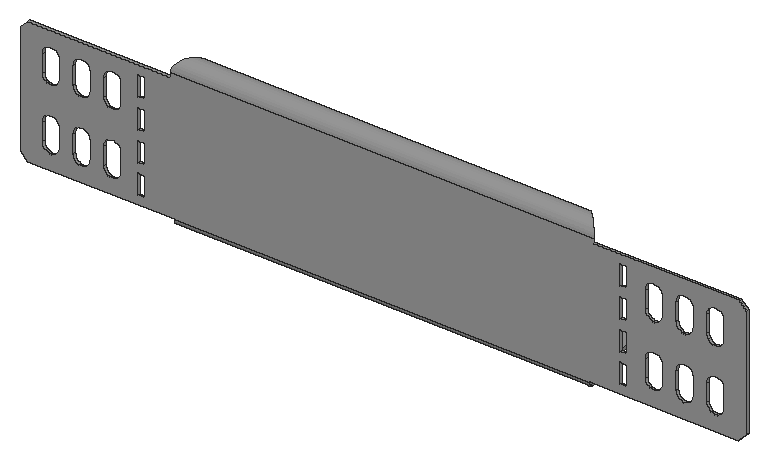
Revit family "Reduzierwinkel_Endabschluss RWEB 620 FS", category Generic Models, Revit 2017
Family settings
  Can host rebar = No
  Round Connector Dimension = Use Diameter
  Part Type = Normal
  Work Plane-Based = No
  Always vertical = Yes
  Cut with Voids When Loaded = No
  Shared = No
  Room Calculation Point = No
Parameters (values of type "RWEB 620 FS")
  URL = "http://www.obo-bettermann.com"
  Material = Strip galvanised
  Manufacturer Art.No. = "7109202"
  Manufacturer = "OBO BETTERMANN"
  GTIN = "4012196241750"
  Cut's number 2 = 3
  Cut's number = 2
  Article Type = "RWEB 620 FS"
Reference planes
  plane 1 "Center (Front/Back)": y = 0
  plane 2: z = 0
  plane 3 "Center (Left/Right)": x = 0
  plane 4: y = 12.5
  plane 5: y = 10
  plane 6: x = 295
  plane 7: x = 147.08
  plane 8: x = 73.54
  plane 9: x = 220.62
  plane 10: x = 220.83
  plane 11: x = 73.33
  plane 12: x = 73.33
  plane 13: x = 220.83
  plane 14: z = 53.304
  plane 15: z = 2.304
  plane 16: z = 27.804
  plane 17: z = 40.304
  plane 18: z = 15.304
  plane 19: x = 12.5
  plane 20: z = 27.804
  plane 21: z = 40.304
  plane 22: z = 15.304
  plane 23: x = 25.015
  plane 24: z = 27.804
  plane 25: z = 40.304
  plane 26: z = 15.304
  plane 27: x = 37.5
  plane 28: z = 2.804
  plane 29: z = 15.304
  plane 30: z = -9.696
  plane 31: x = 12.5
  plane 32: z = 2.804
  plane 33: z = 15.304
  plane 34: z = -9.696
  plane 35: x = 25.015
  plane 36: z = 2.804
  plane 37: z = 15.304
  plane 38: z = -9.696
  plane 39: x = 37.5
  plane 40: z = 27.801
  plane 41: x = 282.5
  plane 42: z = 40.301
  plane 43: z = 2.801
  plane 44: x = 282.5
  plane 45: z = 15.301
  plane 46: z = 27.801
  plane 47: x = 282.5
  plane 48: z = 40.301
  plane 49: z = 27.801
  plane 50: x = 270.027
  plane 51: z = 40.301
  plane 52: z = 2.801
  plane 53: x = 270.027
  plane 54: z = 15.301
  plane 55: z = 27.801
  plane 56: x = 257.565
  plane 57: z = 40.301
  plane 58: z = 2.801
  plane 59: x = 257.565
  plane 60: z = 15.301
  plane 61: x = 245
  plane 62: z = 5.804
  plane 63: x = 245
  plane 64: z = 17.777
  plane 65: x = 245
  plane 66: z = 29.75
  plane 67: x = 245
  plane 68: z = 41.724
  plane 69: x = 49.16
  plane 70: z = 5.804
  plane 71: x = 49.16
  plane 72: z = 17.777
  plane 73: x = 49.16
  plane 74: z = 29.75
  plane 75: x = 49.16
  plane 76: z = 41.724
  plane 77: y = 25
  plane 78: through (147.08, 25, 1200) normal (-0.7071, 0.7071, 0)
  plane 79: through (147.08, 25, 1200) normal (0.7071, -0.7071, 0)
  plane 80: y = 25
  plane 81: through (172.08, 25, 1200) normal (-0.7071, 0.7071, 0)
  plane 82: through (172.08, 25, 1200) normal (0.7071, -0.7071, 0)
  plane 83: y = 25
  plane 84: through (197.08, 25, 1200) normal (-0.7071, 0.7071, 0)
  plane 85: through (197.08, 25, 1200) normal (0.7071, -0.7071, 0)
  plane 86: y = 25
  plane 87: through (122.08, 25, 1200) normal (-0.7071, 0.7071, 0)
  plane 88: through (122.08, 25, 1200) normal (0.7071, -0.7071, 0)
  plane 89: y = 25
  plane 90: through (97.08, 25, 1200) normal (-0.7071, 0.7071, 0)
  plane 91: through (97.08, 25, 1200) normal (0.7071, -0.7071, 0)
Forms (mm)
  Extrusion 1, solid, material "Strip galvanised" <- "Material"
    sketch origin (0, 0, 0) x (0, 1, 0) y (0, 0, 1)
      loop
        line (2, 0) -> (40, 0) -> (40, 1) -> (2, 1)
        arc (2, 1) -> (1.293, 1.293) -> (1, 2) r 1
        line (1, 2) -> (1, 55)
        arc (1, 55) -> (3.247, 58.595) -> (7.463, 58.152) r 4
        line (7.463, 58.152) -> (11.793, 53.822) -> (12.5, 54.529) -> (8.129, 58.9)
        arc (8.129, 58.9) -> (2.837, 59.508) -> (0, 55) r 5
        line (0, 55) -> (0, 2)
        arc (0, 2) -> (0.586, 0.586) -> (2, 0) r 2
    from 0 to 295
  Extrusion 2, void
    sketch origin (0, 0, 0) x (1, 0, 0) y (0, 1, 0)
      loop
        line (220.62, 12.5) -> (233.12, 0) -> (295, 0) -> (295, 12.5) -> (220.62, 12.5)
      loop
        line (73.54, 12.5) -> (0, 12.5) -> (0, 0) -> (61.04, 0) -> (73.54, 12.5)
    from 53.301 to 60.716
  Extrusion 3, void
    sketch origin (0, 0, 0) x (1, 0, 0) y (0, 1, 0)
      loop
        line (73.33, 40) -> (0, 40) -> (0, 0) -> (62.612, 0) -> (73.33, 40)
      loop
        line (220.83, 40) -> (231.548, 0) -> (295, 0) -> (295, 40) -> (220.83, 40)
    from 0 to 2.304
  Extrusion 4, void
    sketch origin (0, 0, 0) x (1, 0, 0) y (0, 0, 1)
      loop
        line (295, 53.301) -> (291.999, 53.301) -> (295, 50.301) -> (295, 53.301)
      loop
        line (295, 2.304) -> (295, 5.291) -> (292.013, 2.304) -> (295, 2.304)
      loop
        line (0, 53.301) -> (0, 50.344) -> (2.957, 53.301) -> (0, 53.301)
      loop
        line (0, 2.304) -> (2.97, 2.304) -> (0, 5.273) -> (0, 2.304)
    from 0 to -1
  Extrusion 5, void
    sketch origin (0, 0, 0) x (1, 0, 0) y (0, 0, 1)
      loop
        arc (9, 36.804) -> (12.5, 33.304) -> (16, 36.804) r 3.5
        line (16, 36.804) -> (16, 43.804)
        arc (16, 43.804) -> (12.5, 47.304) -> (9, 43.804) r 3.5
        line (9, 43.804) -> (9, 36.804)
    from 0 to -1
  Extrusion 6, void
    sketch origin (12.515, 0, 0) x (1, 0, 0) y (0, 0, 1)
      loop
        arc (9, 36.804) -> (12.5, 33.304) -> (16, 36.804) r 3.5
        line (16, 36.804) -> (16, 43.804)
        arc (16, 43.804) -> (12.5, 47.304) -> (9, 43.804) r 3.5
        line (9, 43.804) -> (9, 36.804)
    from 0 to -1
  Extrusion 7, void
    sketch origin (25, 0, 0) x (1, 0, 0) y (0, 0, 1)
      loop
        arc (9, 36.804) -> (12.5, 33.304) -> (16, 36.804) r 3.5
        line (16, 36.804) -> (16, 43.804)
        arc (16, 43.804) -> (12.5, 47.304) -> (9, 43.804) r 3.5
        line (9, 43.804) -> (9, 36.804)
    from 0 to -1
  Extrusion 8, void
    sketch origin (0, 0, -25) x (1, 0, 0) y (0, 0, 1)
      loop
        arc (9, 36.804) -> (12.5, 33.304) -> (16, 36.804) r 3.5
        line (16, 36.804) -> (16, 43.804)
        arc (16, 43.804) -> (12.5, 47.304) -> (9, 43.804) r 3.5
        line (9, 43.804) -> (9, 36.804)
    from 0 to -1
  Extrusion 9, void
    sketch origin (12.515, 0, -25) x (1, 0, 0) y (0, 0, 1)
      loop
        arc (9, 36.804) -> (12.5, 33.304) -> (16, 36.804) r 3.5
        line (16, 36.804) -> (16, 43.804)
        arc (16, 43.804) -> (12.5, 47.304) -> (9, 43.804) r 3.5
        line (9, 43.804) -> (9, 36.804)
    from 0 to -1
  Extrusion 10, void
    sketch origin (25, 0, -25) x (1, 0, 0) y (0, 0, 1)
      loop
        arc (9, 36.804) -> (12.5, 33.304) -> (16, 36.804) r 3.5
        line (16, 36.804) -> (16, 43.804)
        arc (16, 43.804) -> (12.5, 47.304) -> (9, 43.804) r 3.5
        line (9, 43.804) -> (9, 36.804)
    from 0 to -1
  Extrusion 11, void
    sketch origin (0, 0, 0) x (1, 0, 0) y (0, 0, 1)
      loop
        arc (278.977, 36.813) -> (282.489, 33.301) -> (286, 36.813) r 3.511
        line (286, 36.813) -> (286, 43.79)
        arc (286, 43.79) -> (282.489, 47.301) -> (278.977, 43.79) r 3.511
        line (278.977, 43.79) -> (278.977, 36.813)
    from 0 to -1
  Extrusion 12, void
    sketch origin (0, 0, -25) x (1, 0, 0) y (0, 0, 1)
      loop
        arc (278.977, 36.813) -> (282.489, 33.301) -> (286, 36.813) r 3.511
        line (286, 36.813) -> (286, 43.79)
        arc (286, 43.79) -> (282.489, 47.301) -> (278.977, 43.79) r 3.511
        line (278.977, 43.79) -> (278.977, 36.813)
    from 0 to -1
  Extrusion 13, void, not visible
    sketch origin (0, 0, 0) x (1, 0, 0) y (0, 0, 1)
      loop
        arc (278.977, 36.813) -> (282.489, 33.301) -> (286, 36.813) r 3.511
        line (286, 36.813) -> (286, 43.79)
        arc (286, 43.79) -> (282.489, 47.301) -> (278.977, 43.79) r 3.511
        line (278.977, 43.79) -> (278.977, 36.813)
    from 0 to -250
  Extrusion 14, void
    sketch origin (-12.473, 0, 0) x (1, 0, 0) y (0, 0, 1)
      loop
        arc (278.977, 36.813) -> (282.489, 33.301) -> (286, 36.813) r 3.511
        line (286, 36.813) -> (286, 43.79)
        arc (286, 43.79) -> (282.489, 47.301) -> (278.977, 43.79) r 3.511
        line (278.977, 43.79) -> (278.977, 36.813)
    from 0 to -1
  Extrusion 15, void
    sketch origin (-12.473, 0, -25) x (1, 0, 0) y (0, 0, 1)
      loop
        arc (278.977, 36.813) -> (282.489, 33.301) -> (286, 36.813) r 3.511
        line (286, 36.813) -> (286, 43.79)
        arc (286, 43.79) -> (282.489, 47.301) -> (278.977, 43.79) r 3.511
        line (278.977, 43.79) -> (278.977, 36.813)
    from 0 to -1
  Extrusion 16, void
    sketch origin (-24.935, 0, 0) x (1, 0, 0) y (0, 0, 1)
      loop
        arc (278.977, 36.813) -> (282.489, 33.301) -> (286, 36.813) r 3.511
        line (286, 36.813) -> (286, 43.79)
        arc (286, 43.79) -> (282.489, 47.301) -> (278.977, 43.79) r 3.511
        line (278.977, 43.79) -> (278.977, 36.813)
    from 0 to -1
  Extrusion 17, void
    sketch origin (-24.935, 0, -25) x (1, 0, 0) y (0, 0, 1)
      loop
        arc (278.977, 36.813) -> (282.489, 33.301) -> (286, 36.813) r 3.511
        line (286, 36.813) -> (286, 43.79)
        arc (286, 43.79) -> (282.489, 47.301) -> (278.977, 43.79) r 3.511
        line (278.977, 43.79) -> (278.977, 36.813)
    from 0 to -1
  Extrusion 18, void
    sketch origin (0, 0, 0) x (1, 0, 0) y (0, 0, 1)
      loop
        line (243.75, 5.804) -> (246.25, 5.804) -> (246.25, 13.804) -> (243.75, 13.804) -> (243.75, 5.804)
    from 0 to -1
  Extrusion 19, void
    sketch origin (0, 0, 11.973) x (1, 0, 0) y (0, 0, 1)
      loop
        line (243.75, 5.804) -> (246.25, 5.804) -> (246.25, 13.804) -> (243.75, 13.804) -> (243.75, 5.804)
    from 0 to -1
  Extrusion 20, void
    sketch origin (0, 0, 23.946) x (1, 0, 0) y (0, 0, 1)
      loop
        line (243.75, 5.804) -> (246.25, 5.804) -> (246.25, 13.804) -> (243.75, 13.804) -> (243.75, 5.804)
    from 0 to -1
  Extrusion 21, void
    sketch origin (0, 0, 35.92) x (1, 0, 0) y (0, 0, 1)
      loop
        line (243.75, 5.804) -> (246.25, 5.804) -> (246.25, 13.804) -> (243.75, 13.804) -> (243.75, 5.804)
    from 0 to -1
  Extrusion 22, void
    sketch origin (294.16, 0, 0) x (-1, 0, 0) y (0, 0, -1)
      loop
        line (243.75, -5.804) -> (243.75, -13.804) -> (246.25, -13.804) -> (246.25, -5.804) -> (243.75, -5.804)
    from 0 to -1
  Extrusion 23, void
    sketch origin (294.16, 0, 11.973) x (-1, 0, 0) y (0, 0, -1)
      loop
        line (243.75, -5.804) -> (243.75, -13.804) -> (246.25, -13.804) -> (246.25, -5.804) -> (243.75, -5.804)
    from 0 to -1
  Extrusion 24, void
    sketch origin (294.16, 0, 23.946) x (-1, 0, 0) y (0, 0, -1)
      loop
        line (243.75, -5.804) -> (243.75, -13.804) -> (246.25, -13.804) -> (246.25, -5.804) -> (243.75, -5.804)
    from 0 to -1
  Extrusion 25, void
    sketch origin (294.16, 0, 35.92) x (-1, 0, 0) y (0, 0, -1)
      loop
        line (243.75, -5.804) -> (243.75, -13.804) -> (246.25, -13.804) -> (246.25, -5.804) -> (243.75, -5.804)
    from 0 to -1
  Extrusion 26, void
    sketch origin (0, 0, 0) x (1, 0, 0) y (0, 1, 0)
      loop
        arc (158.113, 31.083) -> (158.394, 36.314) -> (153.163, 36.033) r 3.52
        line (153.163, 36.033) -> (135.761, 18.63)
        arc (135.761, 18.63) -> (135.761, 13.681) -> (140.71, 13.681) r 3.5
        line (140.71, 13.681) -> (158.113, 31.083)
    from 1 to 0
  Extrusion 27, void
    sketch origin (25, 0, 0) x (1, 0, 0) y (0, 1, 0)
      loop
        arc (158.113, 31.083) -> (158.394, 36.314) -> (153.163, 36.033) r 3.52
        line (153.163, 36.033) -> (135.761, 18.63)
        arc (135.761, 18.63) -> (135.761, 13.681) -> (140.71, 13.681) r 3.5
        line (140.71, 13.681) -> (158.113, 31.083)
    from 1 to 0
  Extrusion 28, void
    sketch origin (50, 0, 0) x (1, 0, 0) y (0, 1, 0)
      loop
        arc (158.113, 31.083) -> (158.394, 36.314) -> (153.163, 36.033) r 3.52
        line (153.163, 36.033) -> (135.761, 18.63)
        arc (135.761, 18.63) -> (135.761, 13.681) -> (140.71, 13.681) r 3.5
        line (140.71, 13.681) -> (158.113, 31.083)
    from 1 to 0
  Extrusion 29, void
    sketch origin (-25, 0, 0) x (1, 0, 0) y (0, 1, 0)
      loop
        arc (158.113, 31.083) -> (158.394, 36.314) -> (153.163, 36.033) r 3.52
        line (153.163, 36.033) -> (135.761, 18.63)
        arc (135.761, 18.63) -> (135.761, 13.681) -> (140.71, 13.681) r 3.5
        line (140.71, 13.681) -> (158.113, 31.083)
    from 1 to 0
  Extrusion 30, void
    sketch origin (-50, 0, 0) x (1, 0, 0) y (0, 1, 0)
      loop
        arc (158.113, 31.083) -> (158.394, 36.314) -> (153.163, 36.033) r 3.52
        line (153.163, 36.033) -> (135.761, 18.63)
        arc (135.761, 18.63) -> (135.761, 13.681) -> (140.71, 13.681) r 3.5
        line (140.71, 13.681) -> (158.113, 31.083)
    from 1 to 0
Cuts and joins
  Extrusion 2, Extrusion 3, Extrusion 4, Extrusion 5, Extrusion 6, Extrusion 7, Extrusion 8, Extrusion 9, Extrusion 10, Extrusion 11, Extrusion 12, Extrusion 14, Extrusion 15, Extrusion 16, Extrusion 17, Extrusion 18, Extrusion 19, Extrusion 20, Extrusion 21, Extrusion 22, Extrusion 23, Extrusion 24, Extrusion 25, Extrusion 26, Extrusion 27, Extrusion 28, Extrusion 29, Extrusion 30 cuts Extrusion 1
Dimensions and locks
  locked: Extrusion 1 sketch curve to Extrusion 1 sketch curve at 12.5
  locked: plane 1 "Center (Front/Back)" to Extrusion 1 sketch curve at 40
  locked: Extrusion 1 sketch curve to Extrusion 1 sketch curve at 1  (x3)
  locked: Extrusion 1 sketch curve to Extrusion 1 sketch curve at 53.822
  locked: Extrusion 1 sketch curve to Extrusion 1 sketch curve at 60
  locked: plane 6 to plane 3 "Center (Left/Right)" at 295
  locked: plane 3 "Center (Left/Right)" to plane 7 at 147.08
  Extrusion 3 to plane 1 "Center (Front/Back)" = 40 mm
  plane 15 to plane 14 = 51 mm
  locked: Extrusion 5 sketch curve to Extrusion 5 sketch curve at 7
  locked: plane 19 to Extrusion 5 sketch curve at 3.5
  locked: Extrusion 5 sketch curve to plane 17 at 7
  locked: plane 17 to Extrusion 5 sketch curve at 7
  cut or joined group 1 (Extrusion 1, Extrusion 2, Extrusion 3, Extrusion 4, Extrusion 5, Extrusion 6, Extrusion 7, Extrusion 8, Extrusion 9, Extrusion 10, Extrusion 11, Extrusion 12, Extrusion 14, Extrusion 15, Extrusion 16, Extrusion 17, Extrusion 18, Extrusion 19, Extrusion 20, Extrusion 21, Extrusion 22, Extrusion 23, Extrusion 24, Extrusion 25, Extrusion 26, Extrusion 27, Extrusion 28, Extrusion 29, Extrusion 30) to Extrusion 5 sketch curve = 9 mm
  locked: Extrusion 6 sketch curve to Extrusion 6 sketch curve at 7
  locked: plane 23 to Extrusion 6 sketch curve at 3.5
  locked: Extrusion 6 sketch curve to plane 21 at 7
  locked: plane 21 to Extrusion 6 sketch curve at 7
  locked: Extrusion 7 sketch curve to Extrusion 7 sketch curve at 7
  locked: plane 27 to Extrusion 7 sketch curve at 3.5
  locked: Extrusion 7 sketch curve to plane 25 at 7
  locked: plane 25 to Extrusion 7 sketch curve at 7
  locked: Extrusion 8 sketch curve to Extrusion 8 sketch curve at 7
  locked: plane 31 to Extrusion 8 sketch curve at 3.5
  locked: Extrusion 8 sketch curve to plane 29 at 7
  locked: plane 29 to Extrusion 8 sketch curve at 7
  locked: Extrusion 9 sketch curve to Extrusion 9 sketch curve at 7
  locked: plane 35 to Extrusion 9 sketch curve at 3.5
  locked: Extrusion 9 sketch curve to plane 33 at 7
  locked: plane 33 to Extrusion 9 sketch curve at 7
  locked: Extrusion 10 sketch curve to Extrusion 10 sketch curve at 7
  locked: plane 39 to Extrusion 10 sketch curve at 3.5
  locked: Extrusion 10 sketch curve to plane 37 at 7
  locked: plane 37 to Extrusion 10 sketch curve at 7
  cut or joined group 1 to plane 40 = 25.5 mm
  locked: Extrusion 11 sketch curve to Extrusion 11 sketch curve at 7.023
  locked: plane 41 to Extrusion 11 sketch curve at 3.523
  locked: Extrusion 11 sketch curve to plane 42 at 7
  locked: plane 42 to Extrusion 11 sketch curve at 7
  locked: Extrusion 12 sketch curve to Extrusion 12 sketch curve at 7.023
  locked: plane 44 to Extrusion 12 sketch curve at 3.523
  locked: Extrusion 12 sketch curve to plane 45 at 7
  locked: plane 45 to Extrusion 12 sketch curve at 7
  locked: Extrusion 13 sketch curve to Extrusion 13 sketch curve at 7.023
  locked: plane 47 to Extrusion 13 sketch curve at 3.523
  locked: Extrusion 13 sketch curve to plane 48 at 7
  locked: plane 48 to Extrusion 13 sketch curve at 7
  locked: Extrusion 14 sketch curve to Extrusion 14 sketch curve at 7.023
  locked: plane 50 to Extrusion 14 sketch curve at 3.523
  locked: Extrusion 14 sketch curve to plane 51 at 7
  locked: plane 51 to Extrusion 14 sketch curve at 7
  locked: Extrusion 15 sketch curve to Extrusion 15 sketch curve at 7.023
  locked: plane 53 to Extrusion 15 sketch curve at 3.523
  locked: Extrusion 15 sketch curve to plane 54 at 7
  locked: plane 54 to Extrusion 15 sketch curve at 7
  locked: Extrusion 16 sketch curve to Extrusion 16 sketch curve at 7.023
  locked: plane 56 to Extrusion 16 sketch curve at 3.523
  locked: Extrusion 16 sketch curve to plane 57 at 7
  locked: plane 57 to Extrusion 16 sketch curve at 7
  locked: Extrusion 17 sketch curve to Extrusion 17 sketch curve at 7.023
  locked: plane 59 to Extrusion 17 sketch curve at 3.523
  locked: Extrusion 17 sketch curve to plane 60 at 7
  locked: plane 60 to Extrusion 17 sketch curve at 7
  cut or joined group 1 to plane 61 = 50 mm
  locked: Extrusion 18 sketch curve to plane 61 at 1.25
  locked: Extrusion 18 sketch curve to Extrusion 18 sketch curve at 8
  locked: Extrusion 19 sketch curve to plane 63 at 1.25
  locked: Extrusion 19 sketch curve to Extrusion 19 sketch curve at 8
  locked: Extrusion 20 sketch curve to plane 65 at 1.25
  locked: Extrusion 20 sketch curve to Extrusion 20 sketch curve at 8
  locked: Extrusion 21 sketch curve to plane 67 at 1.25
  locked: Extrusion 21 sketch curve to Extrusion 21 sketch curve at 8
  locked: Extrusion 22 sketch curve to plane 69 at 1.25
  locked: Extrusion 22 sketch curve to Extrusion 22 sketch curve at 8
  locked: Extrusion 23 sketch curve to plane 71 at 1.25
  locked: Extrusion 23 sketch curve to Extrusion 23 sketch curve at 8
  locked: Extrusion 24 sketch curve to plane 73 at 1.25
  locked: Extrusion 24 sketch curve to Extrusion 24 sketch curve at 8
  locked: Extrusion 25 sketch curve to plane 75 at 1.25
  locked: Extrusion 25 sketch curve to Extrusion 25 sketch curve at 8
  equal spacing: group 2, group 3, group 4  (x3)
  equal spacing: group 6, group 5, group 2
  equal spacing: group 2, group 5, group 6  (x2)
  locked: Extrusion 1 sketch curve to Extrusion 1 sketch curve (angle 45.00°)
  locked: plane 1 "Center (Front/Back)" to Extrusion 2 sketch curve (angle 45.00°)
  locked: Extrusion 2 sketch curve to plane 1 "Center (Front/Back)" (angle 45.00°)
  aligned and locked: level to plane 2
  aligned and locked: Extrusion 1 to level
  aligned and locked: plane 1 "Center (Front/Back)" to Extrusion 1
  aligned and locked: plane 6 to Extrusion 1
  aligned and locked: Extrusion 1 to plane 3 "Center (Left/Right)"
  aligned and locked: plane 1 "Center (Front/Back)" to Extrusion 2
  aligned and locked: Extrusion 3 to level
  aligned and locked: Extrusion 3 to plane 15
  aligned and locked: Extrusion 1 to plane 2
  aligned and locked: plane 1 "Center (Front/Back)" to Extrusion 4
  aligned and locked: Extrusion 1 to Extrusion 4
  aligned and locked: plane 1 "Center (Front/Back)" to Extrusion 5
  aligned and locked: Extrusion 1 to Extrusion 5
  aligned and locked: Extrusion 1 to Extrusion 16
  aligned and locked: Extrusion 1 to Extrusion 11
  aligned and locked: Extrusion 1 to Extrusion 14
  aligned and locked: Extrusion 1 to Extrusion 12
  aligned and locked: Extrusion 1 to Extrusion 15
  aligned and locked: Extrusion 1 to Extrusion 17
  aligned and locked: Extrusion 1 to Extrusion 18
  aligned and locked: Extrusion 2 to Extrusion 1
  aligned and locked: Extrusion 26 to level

**TASK GOAL**
From the entries, find how many lines contain "Strip" and give the number alone.

**ANSWER**
2